* [Records to use]
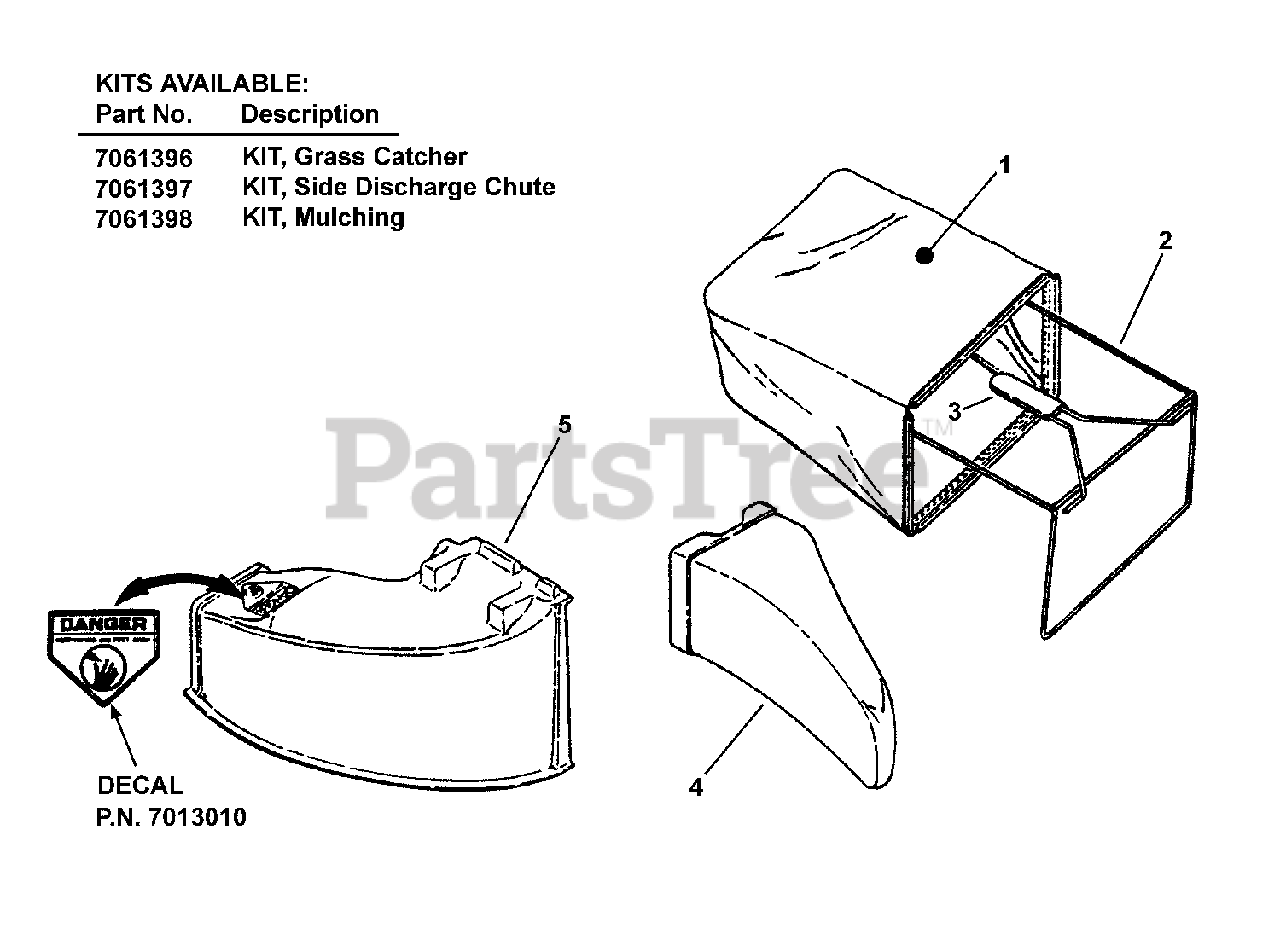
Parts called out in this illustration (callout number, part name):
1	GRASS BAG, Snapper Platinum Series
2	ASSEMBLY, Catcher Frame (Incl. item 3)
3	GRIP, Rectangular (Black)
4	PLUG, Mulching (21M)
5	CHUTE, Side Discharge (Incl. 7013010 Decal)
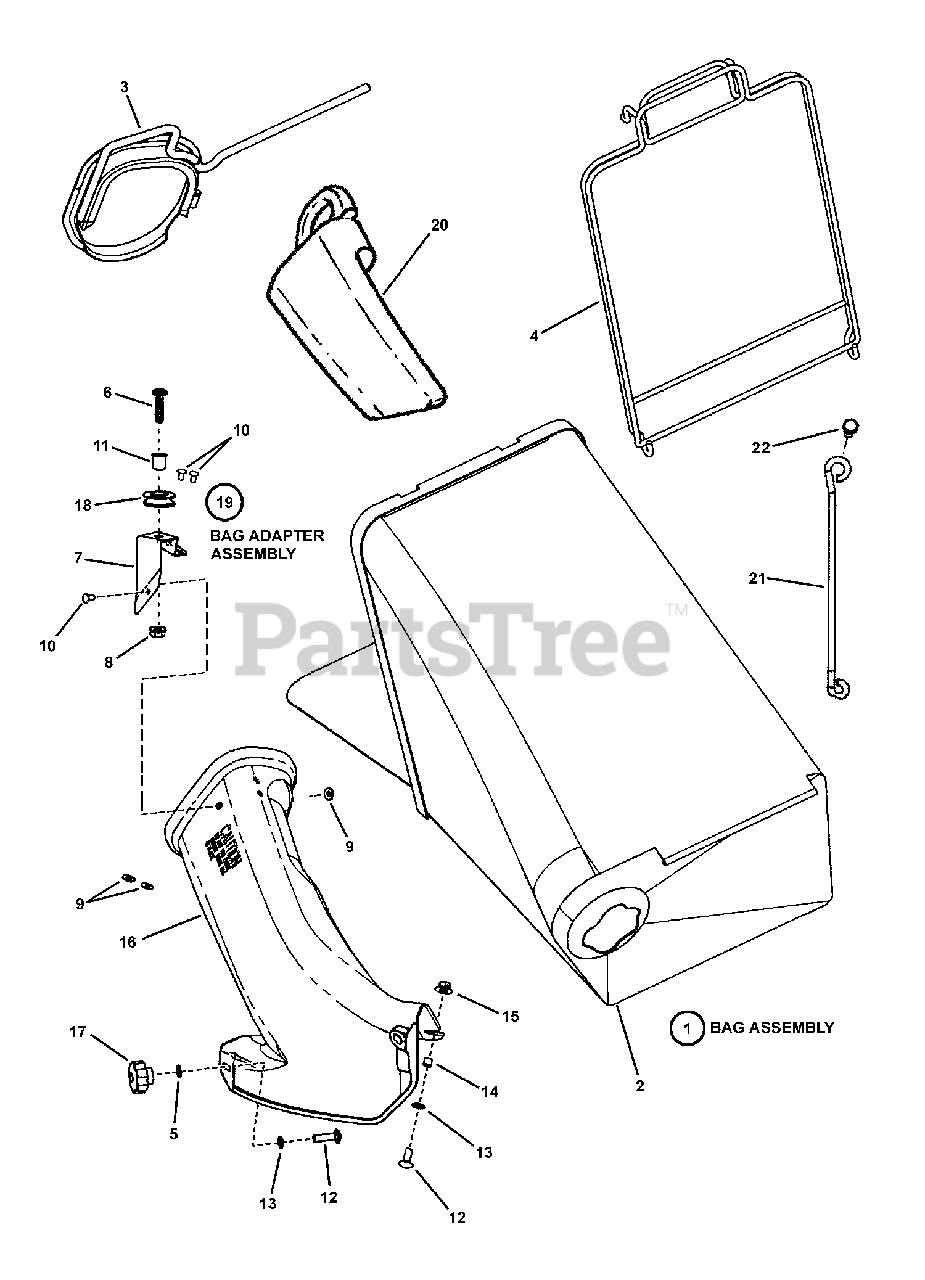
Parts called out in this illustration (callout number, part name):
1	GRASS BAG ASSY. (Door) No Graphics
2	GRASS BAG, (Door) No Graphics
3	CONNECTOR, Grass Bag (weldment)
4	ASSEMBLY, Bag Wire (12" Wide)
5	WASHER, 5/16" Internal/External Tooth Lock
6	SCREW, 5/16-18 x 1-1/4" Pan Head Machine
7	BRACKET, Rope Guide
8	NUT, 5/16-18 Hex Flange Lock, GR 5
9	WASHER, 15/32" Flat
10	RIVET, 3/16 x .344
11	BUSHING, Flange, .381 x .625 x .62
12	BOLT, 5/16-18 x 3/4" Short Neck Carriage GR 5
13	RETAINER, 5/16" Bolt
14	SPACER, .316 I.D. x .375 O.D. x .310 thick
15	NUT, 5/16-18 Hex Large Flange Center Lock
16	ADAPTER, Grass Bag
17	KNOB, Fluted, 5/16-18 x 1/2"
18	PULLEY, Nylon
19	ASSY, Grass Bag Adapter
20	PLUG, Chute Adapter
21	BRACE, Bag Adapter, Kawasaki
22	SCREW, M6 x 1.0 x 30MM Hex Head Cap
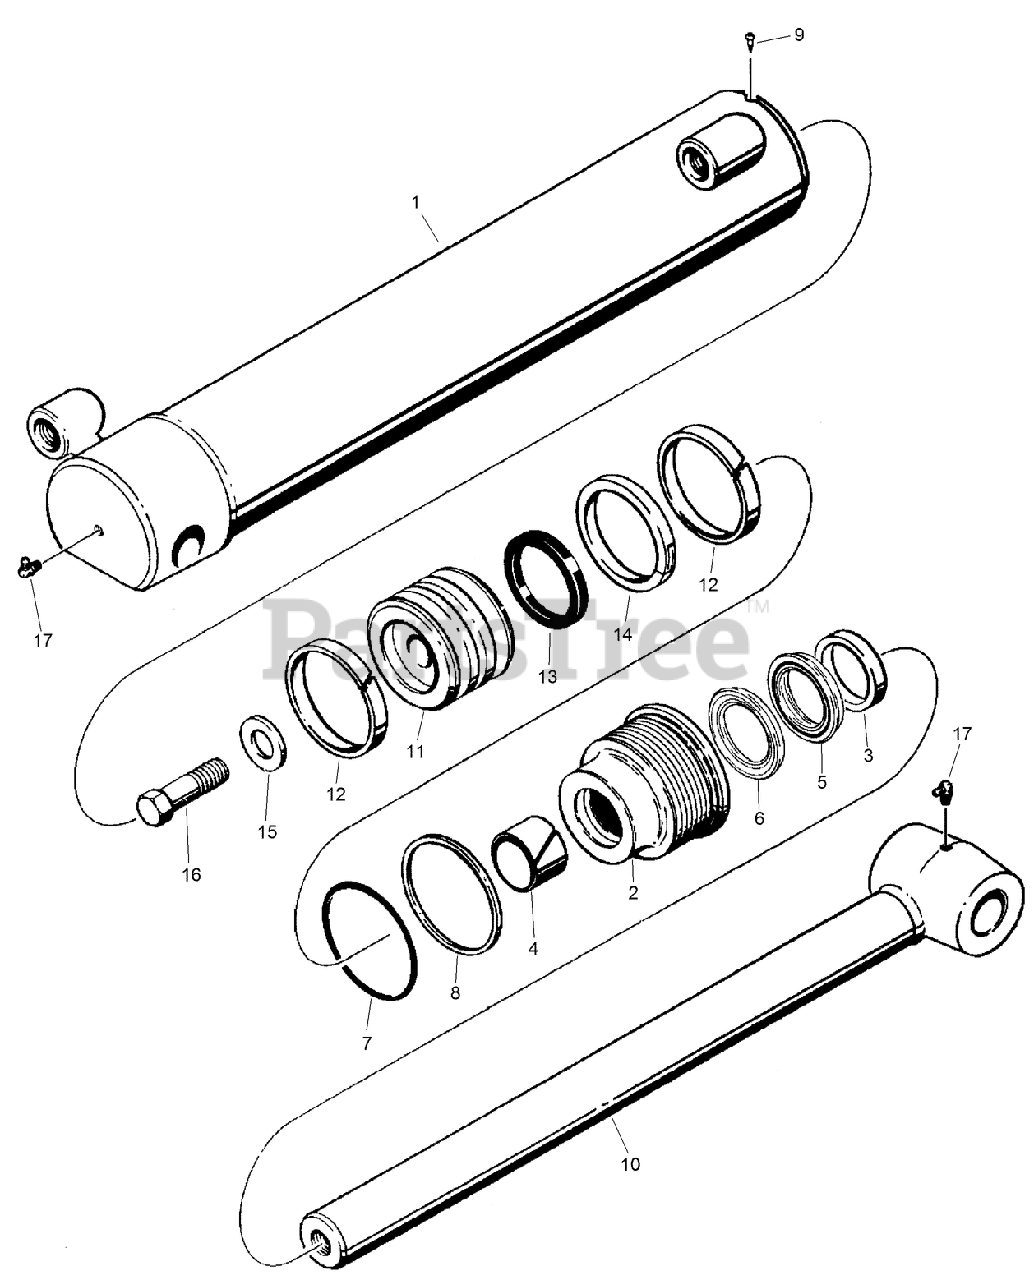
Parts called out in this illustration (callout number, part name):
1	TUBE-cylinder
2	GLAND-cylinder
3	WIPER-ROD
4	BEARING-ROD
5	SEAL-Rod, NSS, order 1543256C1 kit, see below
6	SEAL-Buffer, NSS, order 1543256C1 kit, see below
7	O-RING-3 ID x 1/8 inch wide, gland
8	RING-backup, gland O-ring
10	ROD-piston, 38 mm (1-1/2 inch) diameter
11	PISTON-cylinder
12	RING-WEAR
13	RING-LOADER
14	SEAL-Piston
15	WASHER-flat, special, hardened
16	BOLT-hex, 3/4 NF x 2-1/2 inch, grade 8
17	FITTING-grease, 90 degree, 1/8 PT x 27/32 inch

* [Task objective] Type the listing out again word for word, passing over each picture.

* [Solved problem]
Parts called out in this illustration (callout number, part name):
1	GRASS BAG, Snapper Platinum Series
2	ASSEMBLY, Catcher Frame (Incl. item 3)
3	GRIP, Rectangular (Black)
4	PLUG, Mulching (21M)
5	CHUTE, Side Discharge (Incl. 7013010 Decal)
Parts called out in this illustration (callout number, part name):
1	GRASS BAG ASSY. (Door) No Graphics
2	GRASS BAG, (Door) No Graphics
3	CONNECTOR, Grass Bag (weldment)
4	ASSEMBLY, Bag Wire (12" Wide)
5	WASHER, 5/16" Internal/External Tooth Lock
6	SCREW, 5/16-18 x 1-1/4" Pan Head Machine
7	BRACKET, Rope Guide
8	NUT, 5/16-18 Hex Flange Lock, GR 5
9	WASHER, 15/32" Flat
10	RIVET, 3/16 x .344
11	BUSHING, Flange, .381 x .625 x .62
12	BOLT, 5/16-18 x 3/4" Short Neck Carriage GR 5
13	RETAINER, 5/16" Bolt
14	SPACER, .316 I.D. x .375 O.D. x .310 thick
15	NUT, 5/16-18 Hex Large Flange Center Lock
16	ADAPTER, Grass Bag
17	KNOB, Fluted, 5/16-18 x 1/2"
18	PULLEY, Nylon
19	ASSY, Grass Bag Adapter
20	PLUG, Chute Adapter
21	BRACE, Bag Adapter, Kawasaki
22	SCREW, M6 x 1.0 x 30MM Hex Head Cap
Parts called out in this illustration (callout number, part name):
1	TUBE-cylinder
2	GLAND-cylinder
3	WIPER-ROD
4	BEARING-ROD
5	SEAL-Rod, NSS, order 1543256C1 kit, see below
6	SEAL-Buffer, NSS, order 1543256C1 kit, see below
7	O-RING-3 ID x 1/8 inch wide, gland
8	RING-backup, gland O-ring
10	ROD-piston, 38 mm (1-1/2 inch) diameter
11	PISTON-cylinder
12	RING-WEAR
13	RING-LOADER
14	SEAL-Piston
15	WASHER-flat, special, hardened
16	BOLT-hex, 3/4 NF x 2-1/2 inch, grade 8
17	FITTING-grease, 90 degree, 1/8 PT x 27/32 inch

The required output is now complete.